=== Section Start ===
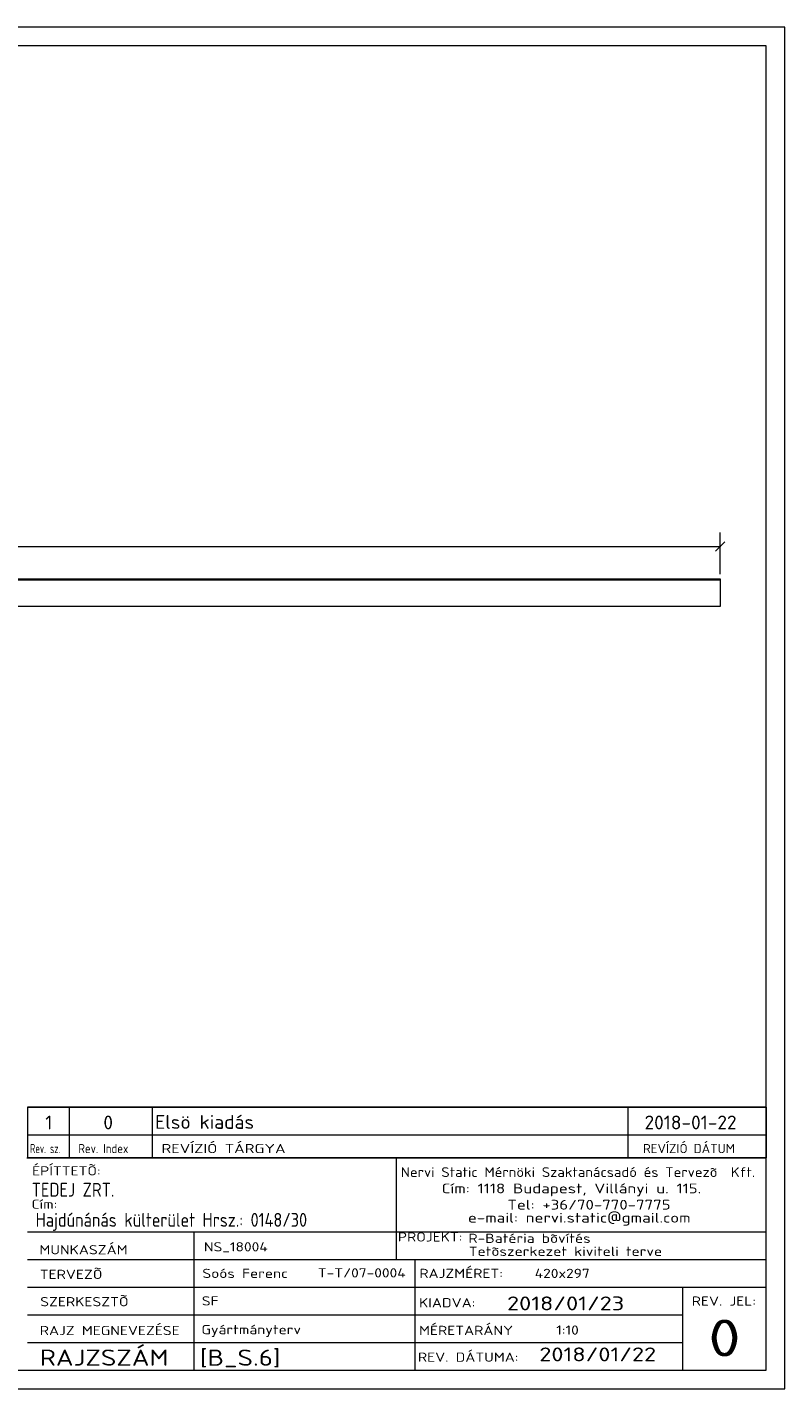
# Model space of a CAD drawing. Header units: millimetres. Extents: x 1 to 419, y 1 to 296.
# Tile 2 of 2: x 255 to 419, y 1 to 296. Entities that reach past the tile are written whole.
import ezdxf

# ---------------------------------------------------------------- set-up
doc = ezdxf.new("R2010")
doc.units = ezdxf.units.MM
doc.header["$LTSCALE"] = 0.6
doc.linetypes.add('XKITLINE00', pattern=[0])
for name, color, linetype, lineweight in [('DrawingSheet', 5, 'Continuous', 0), ('OtherObjectType', 1, 'Continuous', 0), ('Part', 2, 'Continuous', 0), ('Z-DIMENSIONS', 1, 'Continuous', 0)]:
    doc.layers.add(name, color=color, linetype=linetype, lineweight=lineweight)
doc.styles.add('ISOCPEUR', font='ISOCPEUR.TTF')

msp = doc.modelspace()

# ---------------------------------------------------------------- linework, layer by layer
at = {"layer": 'DrawingSheet', "color": 2, "linetype": 'XKITLINE00', "lineweight": 0}
for p, q in [((419, 296), (1, 296)), ((419, 1), (419, 296)), ((1, 1), (419, 1))]:
    msp.add_line(p, q, dxfattribs=at)
at = {"layer": 'DrawingSheet', "color": 3, "linetype": 'XKITLINE00', "lineweight": 0}
for p, q in [((415, 292), (5, 292)), ((415, 5), (415, 292)), ((5, 5), (415, 5))]:
    msp.add_line(p, q, dxfattribs=at)
at = {"layer": 'OtherObjectType', "color": 7, "linetype": 'XKITLINE00', "lineweight": 0}
for p, q in [((255, 62.05), (415, 62.05)), ((255, 62.05), (255, 56.05)), ((264, 62.05), (264, 56.05)), ((282, 62.05), (282, 56.05)), ((385, 62.05), (385, 56.05)), ((415, 62.05), (415, 56.05)), ((255, 56.05), (255, 51.05)), ((255, 56.05), (415, 56.05)), ((264, 56.05), (264, 51.05)), ((282, 56.05), (282, 51.05)), ((385, 56.05), (385, 51.05)), ((415, 56.05), (415, 51.05)), ((254.84, 51.05), (415, 51.05)), ((415, 51.05), (255, 51.05)), ((334.84, 51), (334.84, 35)), ((414.98, 5), (415, 51.05)), ((254.98, 35), (414.98, 35)), ((290.98, 35), (290.98, 5)), ((334.84, 35), (334.84, 29)), ((254.98, 29), (338.84, 29)), ((338.84, 29), (338.84, 5)), ((338.84, 29), (414.84, 29)), ((254.98, 23), (414.98, 23)), ((396.84, 23), (396.84, 5)), ((254.98, 17), (396.84, 17)), ((254.98, 11), (396.98, 11)), ((254.98, 5), (414.98, 5))]:
    msp.add_line(p, q, dxfattribs=at)
at = {"layer": 'OtherObjectType', "color": 1, "linetype": 'XKITLINE00', "lineweight": 0}
for p, q in [((415, 62.05), (255, 62.05)), ((255, 56.05), (415, 56.05))]:
    msp.add_line(p, q, dxfattribs=at)
at = {"layer": 'Part', "color": 2, "linetype": 'XKITLINE00', "lineweight": 0}
for p, q in [((213, 176.5), (405, 176.5)), ((405, 176.2), (213, 176.2)), ((405, 176.5), (405, 170.5)), ((405, 170.5), (213, 170.5))]:
    msp.add_line(p, q, dxfattribs=at)
at = {"layer": 'Z-DIMENSIONS', "color": 7, "linetype": 'XKITLINE00', "lineweight": 0}
for p, q in [((405, 177.5), (405, 186.55)), ((8, 183.5), (405, 183.5)), ((405.99, 184.49), (404.01, 182.51))]:
    msp.add_line(p, q, dxfattribs=at)
at = {"layer": 'Z-DIMENSIONS', "color": 3}
msp.add_point((405, 183.5), dxfattribs=at)

# ---------------------------------------------------------------- texts
at = {"layer": 'OtherObjectType', "color": 7, "style": 'ISOCPEUR'}
for s, height, width, p in [('1', 3, 1.017001, (258.82, 57.2)), ('0', 3, 1.017001, (271.4, 57.2)), ('Elsö kiadás', 3, 1.017001, (282.63, 57.31)), ('2018-01-22', 3, 1.017001, (388.62, 57.2)), ('Rev. sz.', 2, 0.68, (255.54, 52.05)), ('Rev. Index', 2, 0.85, (266, 52.05)), ('REVÍZIÓ TÁRGYA', 2, 1.275, (284, 52.05)), ('REVÍZIÓ DÁTUM', 2, 1.02, (388.28, 52.05)), ('ÉPÍTTETÕ:', 2, 1.211571, (255.96, 47.22)), ('Nervi Static Mérnöki\xa0Szaktanácsadó\xa0és\xa0Tervezõ  Kft.', 2.1176, 1.08375, (335.84, 46.88)), ('TEDEJ ZRT.', 3, 0.85, (255.87, 42.62)), ('Cím:\xa01118 Budapest, Villányi u. 115.', 2.1176, 1.250101, (344.68, 43.35)), ('Cím:', 2, 1.211571, (255.84, 40)), ('Tel:\xa0+36/70-770-7775', 2.1176, 1.250101, (358.91, 39.82)), ('Hajdúnánás külterület Hrsz.: 0148/30', 3, 0.85, (256.73, 36.1)), ('e-mail:\xa0nervi.static@gmail.com', 2.1176, 1.250101, (350.38, 37)), ('MUNKASZÁM', 2, 1.211571, (257.55, 30.12)), ('NS_18004', 2, 1.211571, (293.17, 30.76)), ('PROJEKT:', 2, 1.211571, (335.18, 32.9)), ('R-Batéria bõvítés', 2, 1.211571, (350.47, 32.6)), ('Tetõszerkezet kiviteli terve', 2, 1.211571, (350.54, 29.78)), ('TERVEZÕ', 2, 1.211571, (257.63, 24.79)), ('Soós Ferenc', 2, 1.211571, (292.84, 25)), ('T-T/07-0004', 2, 1.211571, (317.86, 25.11)), ('RAJZMÉRET:', 2, 1.211571, (339.84, 25)), ('420x297', 2, 1.211571, (364.84, 25)), ('SZERKESZTÕ', 2, 1.211571, (257.72, 18.87)), ('SF', 2, 1.211571, (292.72, 19.04)), ('2018/01/23', 3, 1.275, (358.84, 18)), ('REV. JEL:', 2, 1.211571, (398.84, 19)), ('KIADVA:', 2, 1.211571, (339.78, 18.64)), ('RAJZ MEGNEVEZÉSE', 2, 1.211571, (257.62, 12.62)), ('Gyártmányterv', 2, 1.211571, (292.65, 12.82)), ('MÉRETARÁNY', 2, 1.211571, (339.78, 12.65)), ('1:10', 2, 1.211571, (369.51, 12.72)), ('0', 8, 1.275, (402.45, 8)), ('RAJZSZÁM', 3.5, 1.211571, (257.62, 6)), ('[B_S.6]', 3.5, 1.211571, (292.3, 5.99)), ('REV. DÁTUMA:', 2, 1.211571, (339.53, 6.85)), ('2018/01/22', 3, 1.275, (365.83, 6.95))]:
    msp.add_text(s, height=height, dxfattribs=dict(at, width=width)).set_placement(p)

doc.saveas('drawing.dxf')
=== Section End ===
EXERCISE BRIEF: Would you print the listing above in full, exactly, but with no pictures?

RESPONSE TO THE EXERCISE:
# Model space of a CAD drawing. Header units: millimetres. Extents: x 1 to 419, y 1 to 296.
# Tile 2 of 2: x 255 to 419, y 1 to 296. Entities that reach past the tile are written whole.
import ezdxf

# ---------------------------------------------------------------- set-up
doc = ezdxf.new("R2010")
doc.units = ezdxf.units.MM
doc.header["$LTSCALE"] = 0.6
doc.linetypes.add('XKITLINE00', pattern=[0])
for name, color, linetype, lineweight in [('DrawingSheet', 5, 'Continuous', 0), ('OtherObjectType', 1, 'Continuous', 0), ('Part', 2, 'Continuous', 0), ('Z-DIMENSIONS', 1, 'Continuous', 0)]:
    doc.layers.add(name, color=color, linetype=linetype, lineweight=lineweight)
doc.styles.add('ISOCPEUR', font='ISOCPEUR.TTF')

msp = doc.modelspace()

# ---------------------------------------------------------------- linework, layer by layer
at = {"layer": 'DrawingSheet', "color": 2, "linetype": 'XKITLINE00', "lineweight": 0}
for p, q in [((419, 296), (1, 296)), ((419, 1), (419, 296)), ((1, 1), (419, 1))]:
    msp.add_line(p, q, dxfattribs=at)
at = {"layer": 'DrawingSheet', "color": 3, "linetype": 'XKITLINE00', "lineweight": 0}
for p, q in [((415, 292), (5, 292)), ((415, 5), (415, 292)), ((5, 5), (415, 5))]:
    msp.add_line(p, q, dxfattribs=at)
at = {"layer": 'OtherObjectType', "color": 7, "linetype": 'XKITLINE00', "lineweight": 0}
for p, q in [((255, 62.05), (415, 62.05)), ((255, 62.05), (255, 56.05)), ((264, 62.05), (264, 56.05)), ((282, 62.05), (282, 56.05)), ((385, 62.05), (385, 56.05)), ((415, 62.05), (415, 56.05)), ((255, 56.05), (255, 51.05)), ((255, 56.05), (415, 56.05)), ((264, 56.05), (264, 51.05)), ((282, 56.05), (282, 51.05)), ((385, 56.05), (385, 51.05)), ((415, 56.05), (415, 51.05)), ((254.84, 51.05), (415, 51.05)), ((415, 51.05), (255, 51.05)), ((334.84, 51), (334.84, 35)), ((414.98, 5), (415, 51.05)), ((254.98, 35), (414.98, 35)), ((290.98, 35), (290.98, 5)), ((334.84, 35), (334.84, 29)), ((254.98, 29), (338.84, 29)), ((338.84, 29), (338.84, 5)), ((338.84, 29), (414.84, 29)), ((254.98, 23), (414.98, 23)), ((396.84, 23), (396.84, 5)), ((254.98, 17), (396.84, 17)), ((254.98, 11), (396.98, 11)), ((254.98, 5), (414.98, 5))]:
    msp.add_line(p, q, dxfattribs=at)
at = {"layer": 'OtherObjectType', "color": 1, "linetype": 'XKITLINE00', "lineweight": 0}
for p, q in [((415, 62.05), (255, 62.05)), ((255, 56.05), (415, 56.05))]:
    msp.add_line(p, q, dxfattribs=at)
at = {"layer": 'Part', "color": 2, "linetype": 'XKITLINE00', "lineweight": 0}
for p, q in [((213, 176.5), (405, 176.5)), ((405, 176.2), (213, 176.2)), ((405, 176.5), (405, 170.5)), ((405, 170.5), (213, 170.5))]:
    msp.add_line(p, q, dxfattribs=at)
at = {"layer": 'Z-DIMENSIONS', "color": 7, "linetype": 'XKITLINE00', "lineweight": 0}
for p, q in [((405, 177.5), (405, 186.55)), ((8, 183.5), (405, 183.5)), ((405.99, 184.49), (404.01, 182.51))]:
    msp.add_line(p, q, dxfattribs=at)
at = {"layer": 'Z-DIMENSIONS', "color": 3}
msp.add_point((405, 183.5), dxfattribs=at)

# ---------------------------------------------------------------- texts
at = {"layer": 'OtherObjectType', "color": 7, "style": 'ISOCPEUR'}
for s, height, width, p in [('1', 3, 1.017001, (258.82, 57.2)), ('0', 3, 1.017001, (271.4, 57.2)), ('Elsö kiadás', 3, 1.017001, (282.63, 57.31)), ('2018-01-22', 3, 1.017001, (388.62, 57.2)), ('Rev. sz.', 2, 0.68, (255.54, 52.05)), ('Rev. Index', 2, 0.85, (266, 52.05)), ('REVÍZIÓ TÁRGYA', 2, 1.275, (284, 52.05)), ('REVÍZIÓ DÁTUM', 2, 1.02, (388.28, 52.05)), ('ÉPÍTTETÕ:', 2, 1.211571, (255.96, 47.22)), ('Nervi Static Mérnöki\xa0Szaktanácsadó\xa0és\xa0Tervezõ  Kft.', 2.1176, 1.08375, (335.84, 46.88)), ('TEDEJ ZRT.', 3, 0.85, (255.87, 42.62)), ('Cím:\xa01118 Budapest, Villányi u. 115.', 2.1176, 1.250101, (344.68, 43.35)), ('Cím:', 2, 1.211571, (255.84, 40)), ('Tel:\xa0+36/70-770-7775', 2.1176, 1.250101, (358.91, 39.82)), ('Hajdúnánás külterület Hrsz.: 0148/30', 3, 0.85, (256.73, 36.1)), ('e-mail:\xa0nervi.static@gmail.com', 2.1176, 1.250101, (350.38, 37)), ('MUNKASZÁM', 2, 1.211571, (257.55, 30.12)), ('NS_18004', 2, 1.211571, (293.17, 30.76)), ('PROJEKT:', 2, 1.211571, (335.18, 32.9)), ('R-Batéria bõvítés', 2, 1.211571, (350.47, 32.6)), ('Tetõszerkezet kiviteli terve', 2, 1.211571, (350.54, 29.78)), ('TERVEZÕ', 2, 1.211571, (257.63, 24.79)), ('Soós Ferenc', 2, 1.211571, (292.84, 25)), ('T-T/07-0004', 2, 1.211571, (317.86, 25.11)), ('RAJZMÉRET:', 2, 1.211571, (339.84, 25)), ('420x297', 2, 1.211571, (364.84, 25)), ('SZERKESZTÕ', 2, 1.211571, (257.72, 18.87)), ('SF', 2, 1.211571, (292.72, 19.04)), ('2018/01/23', 3, 1.275, (358.84, 18)), ('REV. JEL:', 2, 1.211571, (398.84, 19)), ('KIADVA:', 2, 1.211571, (339.78, 18.64)), ('RAJZ MEGNEVEZÉSE', 2, 1.211571, (257.62, 12.62)), ('Gyártmányterv', 2, 1.211571, (292.65, 12.82)), ('MÉRETARÁNY', 2, 1.211571, (339.78, 12.65)), ('1:10', 2, 1.211571, (369.51, 12.72)), ('0', 8, 1.275, (402.45, 8)), ('RAJZSZÁM', 3.5, 1.211571, (257.62, 6)), ('[B_S.6]', 3.5, 1.211571, (292.3, 5.99)), ('REV. DÁTUMA:', 2, 1.211571, (339.53, 6.85)), ('2018/01/22', 3, 1.275, (365.83, 6.95))]:
    msp.add_text(s, height=height, dxfattribs=dict(at, width=width)).set_placement(p)

doc.saveas('drawing.dxf')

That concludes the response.